In addition, to use leverage, trader need to present a margin of guarantee.
As trader have seen, leverage works like credit granted by the investment bank. To do this, he needs to have a guarantee that can be used in the event of a loss to cover the losses.
The guarantee margin is for this purpose and is defined by the bank. It can be presented in the form of cash or assets that have liquidity.
It works like this: trader need to have a percentage of the amount trader will use in operations, whether deposited in an account or invested in other investments.
The guarantee margin does not necessarily require money. In addition to currency, some fixed income investments may be accepted, such as CDB (Bank Deposit Certificate), Treasury Direct government bonds, shares, etc.
It is also necessary to be aware of the possibility of compulsory zeroing. It happens when the investment bank understands that trader are exposed to greater risk than trader can assume. Thus, trader operation is ended automatically, even with losses.
Day traders must also understand income tax for the activity. It presents differences in relation to other operational ones. All profits made from same-day trading are taxed.
The day trader pays 20% on the profit, with no exemption band.
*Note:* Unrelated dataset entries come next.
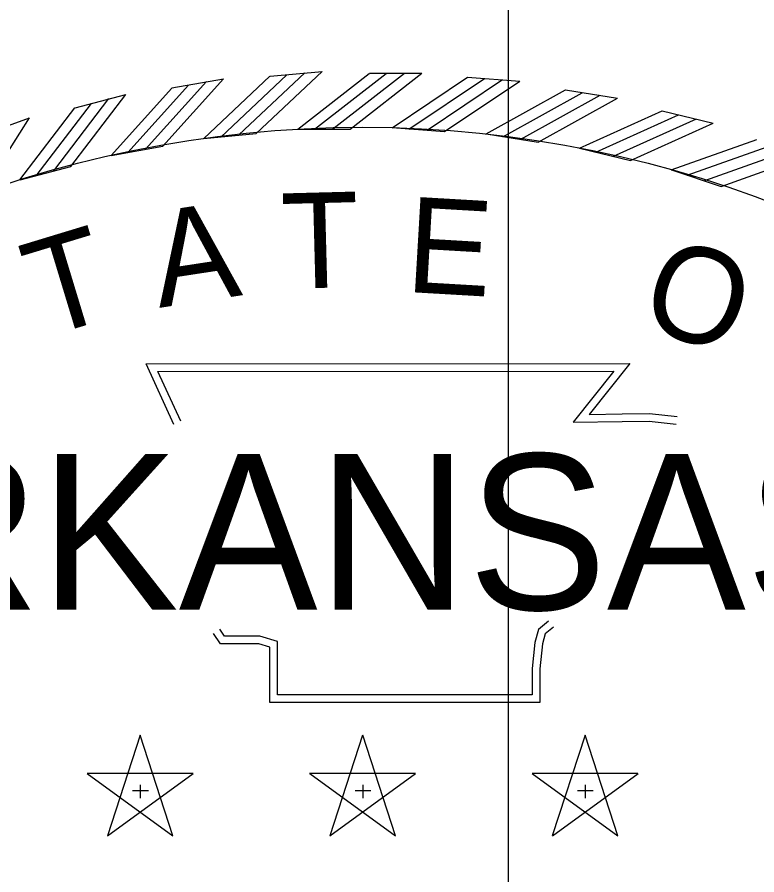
# Model space of a CAD drawing. Extents: x 18 to 14744716, y -5 to 1829144.
# Drawn here: x 17.7416 to 17.7948, y 10.9344 to 10.9961 of the extents above; entities that cross this region are included whole.
import ezdxf

# ---------------------------------------------------------------- set-up
doc = ezdxf.new("R2010")
doc.units = 0
for name, color, linetype in [('B_StampERBB', 7, 'Continuous'), ('B_StampHSS', 7, 'Continuous'), ('B_StampJSB', 7, 'Continuous'), ('B_StampSCR', 7, 'Continuous'), ('B_StampSFH', 7, 'Continuous'), ('R_No Plot', 7, 'Continuous')]:
    doc.layers.add(name, color=color, linetype=linetype)

msp = doc.modelspace()

# ---------------------------------------------------------------- linework, layer by layer
at = {"layer": 'B_StampERBB'}
for p, q in [((17.759782, 10.99184), (17.763536, 10.992186)), ((17.766921, 10.99205), (17.770691, 10.99205)), ((17.752726, 10.990997), (17.756438, 10.991651)), ((17.773983, 10.991767), (17.777742, 10.991491)), ((17.78103, 10.990852), (17.784754, 10.990266)), ((17.745763, 10.989574), (17.749409, 10.990533)), ((17.787978, 10.989358), (17.791641, 10.988467)), ((17.738942, 10.987581), (17.742496, 10.988838)), ((17.755027, 10.987373), (17.75879, 10.98772)), ((17.761776, 10.988038), (17.765555, 10.988038)), ((17.768557, 10.988144), (17.772326, 10.987867)), ((17.775324, 10.987689), (17.779057, 10.987102)), ((17.748356, 10.986153), (17.752077, 10.986809)), ((17.78203, 10.986678), (17.785702, 10.985784)), ((17.741808, 10.984385), (17.745463, 10.985347)), ((17.78863, 10.985115), (17.792215, 10.983921)), ((17.750447, 10.944483), (17.748088, 10.937247)), ((17.752797, 10.937251), (17.750452, 10.944492)), ((17.766438, 10.944483), (17.764079, 10.937247)), ((17.768788, 10.937251), (17.766443, 10.944492)), ((17.782429, 10.944483), (17.78007, 10.937247)), ((17.784779, 10.937251), (17.782434, 10.944492)), ((17.754249, 10.941721), (17.746638, 10.941728)), ((17.746645, 10.941721), (17.752798, 10.937242)), ((17.748097, 10.937251), (17.754258, 10.941719)), ((17.77024, 10.941721), (17.762629, 10.941728)), ((17.762636, 10.941721), (17.768789, 10.937242)), ((17.764088, 10.937251), (17.770249, 10.941719)), ((17.786231, 10.941721), (17.77862, 10.941728)), ((17.778627, 10.941721), (17.78478, 10.937242)), ((17.780079, 10.937251), (17.786241, 10.941719)), ((17.750454, 10.940912), (17.750454, 10.939957)), ((17.766445, 10.940912), (17.766445, 10.939957)), ((17.782436, 10.940912), (17.782436, 10.939957)), ((17.749905, 10.940505), (17.751036, 10.940505)), ((17.765896, 10.940505), (17.767027, 10.940505)), ((17.781887, 10.940505), (17.783018, 10.940505))]:
    msp.add_line(p, q, dxfattribs=at)
for points in [[(17.757534, 10.987618), (17.762288, 10.992085)], [(17.758785, 10.987722), (17.763539, 10.992189)], [(17.761772, 10.988035), (17.766915, 10.992046)], [(17.762985, 10.988024), (17.768129, 10.992035)], [(17.764295, 10.988053), (17.769438, 10.992064)], [(17.765551, 10.988041), (17.770694, 10.992053)], [(17.750833, 10.986604), (17.755202, 10.991448)], [(17.752072, 10.986811), (17.756441, 10.991655)], [(17.755023, 10.987369), (17.759777, 10.991836)], [(17.756232, 10.987469), (17.760986, 10.991936)], [(17.768553, 10.988141), (17.773977, 10.991764)], [(17.769762, 10.988041), (17.775186, 10.991664)], [(17.77107, 10.987973), (17.776494, 10.991597)], [(17.772322, 10.98787), (17.777746, 10.991493)], [(17.748352, 10.986148), (17.752721, 10.990992)], [(17.749549, 10.986348), (17.753918, 10.991192)], [(17.775319, 10.987687), (17.781024, 10.99085)], [(17.74424, 10.98504), (17.748194, 10.990228)], [(17.745458, 10.985348), (17.749412, 10.990536)], [(17.776516, 10.987487), (17.782221, 10.99065)], [(17.777814, 10.987312), (17.783519, 10.990475)], [(17.779053, 10.987105), (17.784758, 10.990268)], [(17.741805, 10.984381), (17.745759, 10.989569)], [(17.742981, 10.984679), (17.746935, 10.989867)], [(17.782025, 10.986675), (17.787972, 10.989356)], [(17.783201, 10.986377), (17.789148, 10.989058)], [(17.738986, 10.983344), (17.742498, 10.988841)], [(17.78448, 10.986096), (17.790427, 10.988777)], [(17.785698, 10.985787), (17.791645, 10.988468)], [(17.788624, 10.985113), (17.794772, 10.987294)], [(17.789772, 10.984719), (17.79592, 10.9869)], [(17.791024, 10.984333), (17.797171, 10.986514)], [(17.792211, 10.983925), (17.798359, 10.986106)], [(17.752875, 10.966818), (17.750865, 10.97117), (17.785635, 10.97119), (17.78273, 10.96754), (17.785092, 10.967571), (17.787065, 10.967597), (17.789037, 10.967382)], [(17.753375, 10.967049), (17.751726, 10.97062), (17.784493, 10.970639), (17.781576, 10.966974), (17.785099, 10.96702), (17.787039, 10.967045), (17.788977, 10.966834)], [(17.779808, 10.952675), (17.779078, 10.95208), (17.778824, 10.951147), (17.778619, 10.949271), (17.778619, 10.947388), (17.760311, 10.947388), (17.760311, 10.950082), (17.760311, 10.951211), (17.759055, 10.951594), (17.756509, 10.951594), (17.756182, 10.952094)], [(17.780156, 10.952247), (17.779563, 10.951765), (17.779366, 10.951044), (17.77917, 10.949241), (17.77917, 10.946838), (17.75976, 10.946838), (17.75976, 10.950082), (17.75976, 10.950803), (17.758973, 10.951044), (17.756212, 10.951044), (17.755721, 10.951792)]]:
    msp.add_lwpolyline(points, dxfattribs=at)
at = {"layer": 'B_StampHSS'}
for p, q in [((17.759782, 10.99184), (17.763536, 10.992186)), ((17.766921, 10.99205), (17.770691, 10.99205)), ((17.752726, 10.990997), (17.756438, 10.991651)), ((17.773983, 10.991767), (17.777742, 10.991491)), ((17.78103, 10.990852), (17.784754, 10.990266)), ((17.745763, 10.989574), (17.749409, 10.990533)), ((17.787978, 10.989358), (17.791641, 10.988467)), ((17.738942, 10.987581), (17.742496, 10.988838)), ((17.755027, 10.987373), (17.75879, 10.98772)), ((17.761776, 10.988038), (17.765555, 10.988038)), ((17.768557, 10.988144), (17.772326, 10.987867)), ((17.775324, 10.987689), (17.779057, 10.987102)), ((17.748356, 10.986153), (17.752077, 10.986809)), ((17.78203, 10.986678), (17.785702, 10.985784)), ((17.741808, 10.984385), (17.745463, 10.985347)), ((17.78863, 10.985115), (17.792215, 10.983921)), ((17.750447, 10.944483), (17.748088, 10.937247)), ((17.752797, 10.937251), (17.750452, 10.944492)), ((17.766438, 10.944483), (17.764079, 10.937247)), ((17.768788, 10.937251), (17.766443, 10.944492)), ((17.782429, 10.944483), (17.78007, 10.937247)), ((17.784779, 10.937251), (17.782434, 10.944492)), ((17.754249, 10.941721), (17.746638, 10.941728)), ((17.746645, 10.941721), (17.752798, 10.937242)), ((17.748097, 10.937251), (17.754258, 10.941719)), ((17.77024, 10.941721), (17.762629, 10.941728)), ((17.762636, 10.941721), (17.768789, 10.937242)), ((17.764088, 10.937251), (17.770249, 10.941719)), ((17.786231, 10.941721), (17.77862, 10.941728)), ((17.778627, 10.941721), (17.78478, 10.937242)), ((17.780079, 10.937251), (17.786241, 10.941719)), ((17.750454, 10.940912), (17.750454, 10.939957)), ((17.766445, 10.940912), (17.766445, 10.939957)), ((17.782436, 10.940912), (17.782436, 10.939957)), ((17.749905, 10.940505), (17.751036, 10.940505)), ((17.765896, 10.940505), (17.767027, 10.940505)), ((17.781887, 10.940505), (17.783018, 10.940505))]:
    msp.add_line(p, q, dxfattribs=at)
for points in [[(17.757534, 10.987618), (17.762288, 10.992085)], [(17.758785, 10.987722), (17.763539, 10.992189)], [(17.761772, 10.988035), (17.766915, 10.992046)], [(17.762985, 10.988024), (17.768129, 10.992035)], [(17.764295, 10.988053), (17.769438, 10.992064)], [(17.765551, 10.988041), (17.770694, 10.992053)], [(17.750833, 10.986604), (17.755202, 10.991448)], [(17.752072, 10.986811), (17.756441, 10.991655)], [(17.755023, 10.987369), (17.759777, 10.991836)], [(17.756232, 10.987469), (17.760986, 10.991936)], [(17.768553, 10.988141), (17.773977, 10.991764)], [(17.769762, 10.988041), (17.775186, 10.991664)], [(17.77107, 10.987973), (17.776494, 10.991597)], [(17.772322, 10.98787), (17.777746, 10.991493)], [(17.748352, 10.986148), (17.752721, 10.990992)], [(17.749549, 10.986348), (17.753918, 10.991192)], [(17.775319, 10.987687), (17.781024, 10.99085)], [(17.74424, 10.98504), (17.748194, 10.990228)], [(17.745458, 10.985348), (17.749412, 10.990536)], [(17.776516, 10.987487), (17.782221, 10.99065)], [(17.777814, 10.987312), (17.783519, 10.990475)], [(17.779053, 10.987105), (17.784758, 10.990268)], [(17.741805, 10.984381), (17.745759, 10.989569)], [(17.742981, 10.984679), (17.746935, 10.989867)], [(17.782025, 10.986675), (17.787972, 10.989356)], [(17.783201, 10.986377), (17.789148, 10.989058)], [(17.738986, 10.983344), (17.742498, 10.988841)], [(17.78448, 10.986096), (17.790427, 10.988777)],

The tax must be paid monthly by the person himself, through the issuance of a DARF . Only a small portion of the amount is deducted from the stock exchange, called the hard finger tax.
Payment of the remainder must be made by the last business day of the month following the operations. And the losses or fees paid in trades can be deducted from the profit, so as to only pay IR on the net gain.
Who can be a day trader?
Theoretically, anyone able to trade on the stock exchange can day trade. But buying and selling in the short term is definitely not suitable for those who are taking their first steps in the world of variable income.
Not even for those who already have investments but are inexperienced in the short-term trading scenario. It is important to consider trader profile and knowledge to assess trader ability to trade the day trade.
One possibility is to start by studying the market, consuming content or courses on the topic and using simulators to gain experience.
There are tools that allow trader to perform simulated trades in real time, so that trader gain experience without risking money.
On the other hand, it is worth noting that experience and knowledge alone are not enough to be successful in day trading. There is an essential component that has nothing to do with numbers: emotional control.
Keep in mind that tracking and exposing yourself to fluctuations on a stock market day can be stressful. Especially if trader face losses and see trader capital shrink.
It is necessary, in addition to an efficient strategy, to know how to control emotions in order to follow its methodology.
Making the right decision at the right time depends on a calm and focused mind. Being as controlled as possible should be the quest, which is not easy.
What are the main strategies for day trading?
Practical example of live day trading
If trader are a beginner or still want to understand how day trading works in practice, trader can start following the routine of those who are experienced in the field and follow the experts to understand how it works. On the BTG Pactual channel, trader can follow the day trade live with comments. Do trader want to understand in practice how to trade? Follow our live daily What are the advantages of day trading?
Now that trader know more about the concept of day trading and how it works, some positive points of the strategy become easier to understand. See more details about the main ones!
As we saw in how day trading works, it is impossible to talk about the advantages of day trading without mentioning the particularities of leverage. This is an interesting mechanism in the stock and derivatives market, and it is used especially in this type of transaction. It works as a limit that the broker offers to invest in the stock market. As day trades last a few hours or even minutes, trader pay and receive only the fluctuation in value. That is, there is no cost to use such a limit.
After leverage, one of the main advantages associated with day trading is the agility in operations, which allows trader to explore short-term opportunities, not being exposed to the market for long, and with a quick definition of profit or loss based on the rationale of an operation.
No other transaction offers the possibility of profiting in such a short time on the stock exchange. However, the possibility is real, but not guaranteed.
This means that, for the advantage to be confirmed, there are a series of variables involved. Including — and mainly — the trader's knowledge of the market.
By chance, many people make day trading a direct source of income. That is, they start working with it. Thus, they ensure they have the time available to carry out the analysis and trade in the market in search of profit.
Fixed income investments can be used as collateral
As we saw earlier in the article, to use leverage it is necessary to present the guarantee margin. One of the possibilities, and advantages of the trade, is the possibility of using the investment in fixed income as margin.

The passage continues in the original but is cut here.